Hi peoples.
Hi, the last month of 2013 - December -
It supposed to be a wonderful, amazing, relax, party, favorite month for all of us, but it seems like just a boring semester break or few weeks holidays for me. Planning was always ruined by everythings and it never goes well when I am the planner. I admit I'm not a great planner ever, that's why I didn't pick the Event Management as my major course.
Yea, I almost forget about the UniLife that I already started three months something ago, but it was not that awesome as other people's UniLife, but everythings seems like it's okay, at least during my first semester I got to know how's the UniLife looks like and I got some new friends/coursemates and luckily they are nice and cute. As everyone knows, UniLife supposed to be fun, makes more new friends, learn different things, hang out with a gang of friends, take part of some society/event/activities, be active/cheer and bla bla bla... and mine only blank. Idk why. My life is just about wake up early in the morning, prepare, take LRT/driving, arrive college, attend the class, finish the class, go back home and repeat this everyday. If simplify my life into a word, it was sucks. How I going to change this? I remember a lecture had told us in a class, she said dream big and you will be achieve it in the future. If you never try to dream big, you might never going to success. I start thinking, my future, what I will become in the future, am I going to be that one I had imagine myself to be or maybe not?
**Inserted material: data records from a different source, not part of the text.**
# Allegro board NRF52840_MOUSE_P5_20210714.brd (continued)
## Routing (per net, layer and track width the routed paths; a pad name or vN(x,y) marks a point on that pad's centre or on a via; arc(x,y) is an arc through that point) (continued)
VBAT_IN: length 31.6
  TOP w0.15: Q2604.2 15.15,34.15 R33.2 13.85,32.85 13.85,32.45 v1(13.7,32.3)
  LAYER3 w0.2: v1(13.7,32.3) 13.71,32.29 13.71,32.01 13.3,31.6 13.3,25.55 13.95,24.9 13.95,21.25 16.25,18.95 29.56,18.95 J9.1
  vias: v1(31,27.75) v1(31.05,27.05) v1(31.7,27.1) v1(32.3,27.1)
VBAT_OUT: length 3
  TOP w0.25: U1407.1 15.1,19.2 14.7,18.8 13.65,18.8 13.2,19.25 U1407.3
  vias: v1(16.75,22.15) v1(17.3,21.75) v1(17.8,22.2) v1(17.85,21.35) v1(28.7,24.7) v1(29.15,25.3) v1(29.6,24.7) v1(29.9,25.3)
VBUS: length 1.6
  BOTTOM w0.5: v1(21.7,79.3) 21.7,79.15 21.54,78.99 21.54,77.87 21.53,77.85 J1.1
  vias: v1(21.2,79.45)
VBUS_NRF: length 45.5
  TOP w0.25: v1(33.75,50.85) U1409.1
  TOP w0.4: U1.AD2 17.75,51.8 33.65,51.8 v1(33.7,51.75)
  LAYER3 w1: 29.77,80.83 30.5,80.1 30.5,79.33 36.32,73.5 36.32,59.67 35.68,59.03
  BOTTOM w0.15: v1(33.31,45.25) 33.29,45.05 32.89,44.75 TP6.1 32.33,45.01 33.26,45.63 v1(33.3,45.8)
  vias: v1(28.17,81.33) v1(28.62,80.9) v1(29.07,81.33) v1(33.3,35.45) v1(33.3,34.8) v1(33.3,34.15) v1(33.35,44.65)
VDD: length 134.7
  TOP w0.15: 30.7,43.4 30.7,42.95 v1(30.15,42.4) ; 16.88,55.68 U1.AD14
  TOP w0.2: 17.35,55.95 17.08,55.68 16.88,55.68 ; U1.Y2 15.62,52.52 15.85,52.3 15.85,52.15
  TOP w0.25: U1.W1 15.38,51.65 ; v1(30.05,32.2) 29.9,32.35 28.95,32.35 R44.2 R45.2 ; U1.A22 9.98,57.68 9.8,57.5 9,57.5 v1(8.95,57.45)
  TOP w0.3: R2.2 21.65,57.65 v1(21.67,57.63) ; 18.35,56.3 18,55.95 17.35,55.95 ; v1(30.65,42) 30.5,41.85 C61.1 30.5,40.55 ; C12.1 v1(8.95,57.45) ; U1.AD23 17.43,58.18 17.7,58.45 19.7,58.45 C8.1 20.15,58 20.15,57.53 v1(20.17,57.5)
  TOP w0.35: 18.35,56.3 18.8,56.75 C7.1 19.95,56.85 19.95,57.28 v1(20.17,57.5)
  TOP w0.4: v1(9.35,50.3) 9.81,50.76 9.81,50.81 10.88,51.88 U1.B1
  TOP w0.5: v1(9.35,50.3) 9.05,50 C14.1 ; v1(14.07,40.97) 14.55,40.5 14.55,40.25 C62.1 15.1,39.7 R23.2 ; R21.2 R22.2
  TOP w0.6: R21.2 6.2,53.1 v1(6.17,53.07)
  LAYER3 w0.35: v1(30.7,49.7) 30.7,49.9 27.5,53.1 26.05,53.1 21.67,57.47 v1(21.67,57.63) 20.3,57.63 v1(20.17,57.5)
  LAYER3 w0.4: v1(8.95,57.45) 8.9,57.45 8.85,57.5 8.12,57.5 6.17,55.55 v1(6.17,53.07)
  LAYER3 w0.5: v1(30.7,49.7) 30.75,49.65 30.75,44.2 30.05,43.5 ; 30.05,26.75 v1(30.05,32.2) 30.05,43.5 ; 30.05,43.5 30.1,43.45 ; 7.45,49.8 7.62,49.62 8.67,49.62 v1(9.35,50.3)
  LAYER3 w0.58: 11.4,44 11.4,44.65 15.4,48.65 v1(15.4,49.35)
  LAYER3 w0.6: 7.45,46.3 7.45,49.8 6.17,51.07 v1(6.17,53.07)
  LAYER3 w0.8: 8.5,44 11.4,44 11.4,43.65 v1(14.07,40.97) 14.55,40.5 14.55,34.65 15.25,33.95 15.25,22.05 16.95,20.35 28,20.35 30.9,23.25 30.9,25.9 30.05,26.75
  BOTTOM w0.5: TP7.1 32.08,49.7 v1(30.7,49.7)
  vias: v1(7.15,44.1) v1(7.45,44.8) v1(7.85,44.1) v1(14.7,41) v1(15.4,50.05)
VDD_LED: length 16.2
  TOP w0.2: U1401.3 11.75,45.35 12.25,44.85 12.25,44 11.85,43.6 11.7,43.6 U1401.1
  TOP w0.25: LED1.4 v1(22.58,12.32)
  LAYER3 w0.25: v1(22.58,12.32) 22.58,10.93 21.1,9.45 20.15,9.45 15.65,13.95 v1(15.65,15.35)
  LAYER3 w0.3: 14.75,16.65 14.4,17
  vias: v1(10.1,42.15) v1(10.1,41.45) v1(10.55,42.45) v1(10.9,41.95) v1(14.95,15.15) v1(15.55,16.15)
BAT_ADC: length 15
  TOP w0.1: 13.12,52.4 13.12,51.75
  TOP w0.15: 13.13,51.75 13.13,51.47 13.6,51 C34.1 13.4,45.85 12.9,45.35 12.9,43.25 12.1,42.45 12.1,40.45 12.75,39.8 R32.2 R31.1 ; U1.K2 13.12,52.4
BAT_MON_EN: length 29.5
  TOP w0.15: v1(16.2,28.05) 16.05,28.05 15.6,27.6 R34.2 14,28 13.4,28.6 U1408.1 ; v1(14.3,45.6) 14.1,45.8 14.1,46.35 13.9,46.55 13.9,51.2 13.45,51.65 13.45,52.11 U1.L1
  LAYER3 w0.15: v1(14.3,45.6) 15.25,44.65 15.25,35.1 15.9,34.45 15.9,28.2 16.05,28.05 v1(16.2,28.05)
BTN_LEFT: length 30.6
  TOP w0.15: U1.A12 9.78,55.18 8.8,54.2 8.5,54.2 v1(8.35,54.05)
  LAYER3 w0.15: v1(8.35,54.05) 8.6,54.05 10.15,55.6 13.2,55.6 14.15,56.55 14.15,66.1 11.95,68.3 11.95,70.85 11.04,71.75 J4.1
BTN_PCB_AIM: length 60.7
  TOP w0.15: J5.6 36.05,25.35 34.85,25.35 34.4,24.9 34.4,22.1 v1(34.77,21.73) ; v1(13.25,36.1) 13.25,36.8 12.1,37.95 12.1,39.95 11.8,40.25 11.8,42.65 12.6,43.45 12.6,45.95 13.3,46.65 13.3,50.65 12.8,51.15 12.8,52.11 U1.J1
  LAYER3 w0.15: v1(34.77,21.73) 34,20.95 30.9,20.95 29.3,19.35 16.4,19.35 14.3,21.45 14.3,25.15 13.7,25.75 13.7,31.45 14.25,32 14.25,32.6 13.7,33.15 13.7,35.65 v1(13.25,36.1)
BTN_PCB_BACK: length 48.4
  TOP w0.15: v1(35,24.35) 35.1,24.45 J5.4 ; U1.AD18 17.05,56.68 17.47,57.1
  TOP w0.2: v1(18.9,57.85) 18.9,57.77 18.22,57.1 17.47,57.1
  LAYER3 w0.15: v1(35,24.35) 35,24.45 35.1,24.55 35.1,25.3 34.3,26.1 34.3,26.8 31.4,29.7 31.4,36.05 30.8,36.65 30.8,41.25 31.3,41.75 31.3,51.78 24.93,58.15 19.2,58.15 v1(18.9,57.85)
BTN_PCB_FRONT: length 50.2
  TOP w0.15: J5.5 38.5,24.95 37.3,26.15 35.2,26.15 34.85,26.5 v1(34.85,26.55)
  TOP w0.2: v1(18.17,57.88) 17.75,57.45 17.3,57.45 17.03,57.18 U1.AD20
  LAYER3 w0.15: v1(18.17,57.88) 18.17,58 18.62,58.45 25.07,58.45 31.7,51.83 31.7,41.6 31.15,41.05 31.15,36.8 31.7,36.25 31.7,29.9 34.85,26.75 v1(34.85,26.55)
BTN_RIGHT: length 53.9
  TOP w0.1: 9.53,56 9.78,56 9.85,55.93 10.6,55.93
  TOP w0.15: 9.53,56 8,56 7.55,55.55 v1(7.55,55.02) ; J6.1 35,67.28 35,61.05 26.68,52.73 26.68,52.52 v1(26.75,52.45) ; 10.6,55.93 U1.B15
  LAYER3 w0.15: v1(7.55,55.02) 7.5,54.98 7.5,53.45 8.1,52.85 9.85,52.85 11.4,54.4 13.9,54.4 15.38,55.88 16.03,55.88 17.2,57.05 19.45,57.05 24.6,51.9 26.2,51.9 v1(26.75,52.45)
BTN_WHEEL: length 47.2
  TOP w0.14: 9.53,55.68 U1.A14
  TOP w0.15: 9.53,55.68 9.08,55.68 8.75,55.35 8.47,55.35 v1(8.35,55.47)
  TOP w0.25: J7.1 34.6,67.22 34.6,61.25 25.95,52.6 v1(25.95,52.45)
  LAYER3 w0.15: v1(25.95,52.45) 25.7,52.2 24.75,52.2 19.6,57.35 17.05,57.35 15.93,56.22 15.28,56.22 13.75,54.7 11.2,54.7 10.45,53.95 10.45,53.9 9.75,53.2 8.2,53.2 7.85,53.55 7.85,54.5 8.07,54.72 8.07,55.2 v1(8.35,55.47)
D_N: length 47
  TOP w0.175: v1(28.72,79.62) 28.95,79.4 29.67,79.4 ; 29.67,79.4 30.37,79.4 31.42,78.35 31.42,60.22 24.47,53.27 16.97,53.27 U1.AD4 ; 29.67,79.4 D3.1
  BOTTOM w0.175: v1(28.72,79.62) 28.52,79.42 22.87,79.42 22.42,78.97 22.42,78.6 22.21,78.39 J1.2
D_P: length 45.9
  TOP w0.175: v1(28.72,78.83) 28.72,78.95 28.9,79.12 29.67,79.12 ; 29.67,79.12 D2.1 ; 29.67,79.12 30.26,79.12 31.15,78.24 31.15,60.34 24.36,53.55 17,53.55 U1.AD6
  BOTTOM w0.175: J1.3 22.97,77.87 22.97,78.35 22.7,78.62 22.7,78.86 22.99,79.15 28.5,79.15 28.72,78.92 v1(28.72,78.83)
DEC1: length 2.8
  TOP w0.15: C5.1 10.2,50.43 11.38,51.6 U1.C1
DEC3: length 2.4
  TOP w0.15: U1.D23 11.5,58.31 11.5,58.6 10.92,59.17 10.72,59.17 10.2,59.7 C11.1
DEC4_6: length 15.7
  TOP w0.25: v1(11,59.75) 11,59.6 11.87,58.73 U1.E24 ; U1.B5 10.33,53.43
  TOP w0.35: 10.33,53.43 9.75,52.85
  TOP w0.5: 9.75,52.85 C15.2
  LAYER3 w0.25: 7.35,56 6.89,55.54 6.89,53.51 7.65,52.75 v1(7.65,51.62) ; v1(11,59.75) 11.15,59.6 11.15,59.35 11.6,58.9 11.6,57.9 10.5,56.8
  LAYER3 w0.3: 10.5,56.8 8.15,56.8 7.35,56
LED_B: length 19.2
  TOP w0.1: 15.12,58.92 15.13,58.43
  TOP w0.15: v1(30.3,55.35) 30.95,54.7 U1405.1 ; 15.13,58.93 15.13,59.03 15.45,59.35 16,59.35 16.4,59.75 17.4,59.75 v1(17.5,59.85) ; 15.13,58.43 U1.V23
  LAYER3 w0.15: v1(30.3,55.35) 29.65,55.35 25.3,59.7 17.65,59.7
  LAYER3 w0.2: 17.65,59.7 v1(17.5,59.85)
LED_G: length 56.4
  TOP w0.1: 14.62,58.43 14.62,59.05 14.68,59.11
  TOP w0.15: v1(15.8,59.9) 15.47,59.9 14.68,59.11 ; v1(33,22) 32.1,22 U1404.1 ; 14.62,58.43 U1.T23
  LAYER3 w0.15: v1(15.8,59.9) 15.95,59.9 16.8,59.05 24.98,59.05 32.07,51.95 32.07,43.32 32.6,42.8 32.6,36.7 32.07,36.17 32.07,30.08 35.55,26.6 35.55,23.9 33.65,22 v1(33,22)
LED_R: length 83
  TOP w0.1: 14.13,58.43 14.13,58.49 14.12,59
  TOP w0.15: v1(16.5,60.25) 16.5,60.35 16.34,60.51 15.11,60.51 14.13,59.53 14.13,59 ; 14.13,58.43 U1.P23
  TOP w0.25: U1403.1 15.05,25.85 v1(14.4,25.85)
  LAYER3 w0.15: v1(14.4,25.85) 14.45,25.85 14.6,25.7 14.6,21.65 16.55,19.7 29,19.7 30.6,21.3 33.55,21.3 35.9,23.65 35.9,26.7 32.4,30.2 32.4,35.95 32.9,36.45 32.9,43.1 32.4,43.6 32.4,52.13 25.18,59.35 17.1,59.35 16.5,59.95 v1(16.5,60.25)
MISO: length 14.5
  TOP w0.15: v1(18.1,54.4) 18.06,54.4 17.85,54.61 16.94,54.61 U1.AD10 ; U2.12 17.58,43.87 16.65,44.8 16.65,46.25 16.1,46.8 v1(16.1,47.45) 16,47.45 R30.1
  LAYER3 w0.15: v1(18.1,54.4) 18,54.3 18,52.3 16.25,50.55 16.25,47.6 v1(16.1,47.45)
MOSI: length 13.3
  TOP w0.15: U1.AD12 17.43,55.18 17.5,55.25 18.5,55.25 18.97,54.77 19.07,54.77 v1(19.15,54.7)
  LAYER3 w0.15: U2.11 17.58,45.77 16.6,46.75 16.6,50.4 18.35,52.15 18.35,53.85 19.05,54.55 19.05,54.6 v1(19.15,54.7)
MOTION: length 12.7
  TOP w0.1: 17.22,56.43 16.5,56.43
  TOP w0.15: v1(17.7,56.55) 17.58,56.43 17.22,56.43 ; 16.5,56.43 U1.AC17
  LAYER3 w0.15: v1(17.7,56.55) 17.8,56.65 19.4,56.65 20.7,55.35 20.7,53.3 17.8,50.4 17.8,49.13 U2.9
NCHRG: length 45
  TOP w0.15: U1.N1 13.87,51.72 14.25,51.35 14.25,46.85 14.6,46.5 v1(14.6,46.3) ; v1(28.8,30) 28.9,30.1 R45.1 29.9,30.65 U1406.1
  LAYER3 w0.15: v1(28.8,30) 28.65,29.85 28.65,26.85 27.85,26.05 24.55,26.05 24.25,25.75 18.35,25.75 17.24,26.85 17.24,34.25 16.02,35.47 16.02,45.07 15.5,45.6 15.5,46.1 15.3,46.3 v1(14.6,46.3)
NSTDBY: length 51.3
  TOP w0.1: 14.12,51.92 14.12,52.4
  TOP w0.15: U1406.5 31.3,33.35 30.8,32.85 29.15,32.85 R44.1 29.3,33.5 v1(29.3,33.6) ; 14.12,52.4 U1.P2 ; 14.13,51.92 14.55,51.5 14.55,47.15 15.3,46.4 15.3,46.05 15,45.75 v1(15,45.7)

I dream to be a blogger since I start blogging, but after that I only find out how the real blogger manage their blog and what happened in their life and whats the difference between me and them. I was just writting shit on my blog, and I wake up. Blogging makes money, and at the same time those blogger are participate a lots event, they even got invited by some famous company's event, they learn a lots from those event, they getting famous with the press/magazine and interview, and a lotsa readers they had. Thats a blogger. I want to become that, and I am totally failed. So the reality always wake peoples up from dream, then how peoples dare to dream big again? I'm not dare to dream.
And I'm not dare to plan, Christmas eve, Christmas, New Year eve, New Year, Chinese New Year.... Honestly, I hope I can go party, can go somewhere else out from my room, but it seems like it is impossible. Whats a big joke. Okay, I'm going to finish this emo post now and I'm so so sorry if this post makes you guys feel annoying about my emo feeling.
WHATEVER, hope all of you have a GREAT WONDERFUL AWESOME DECEMBER and enjoy the last few weeks of 2013, make it be memorable and unforgettable as you can. Guys, happy holidays.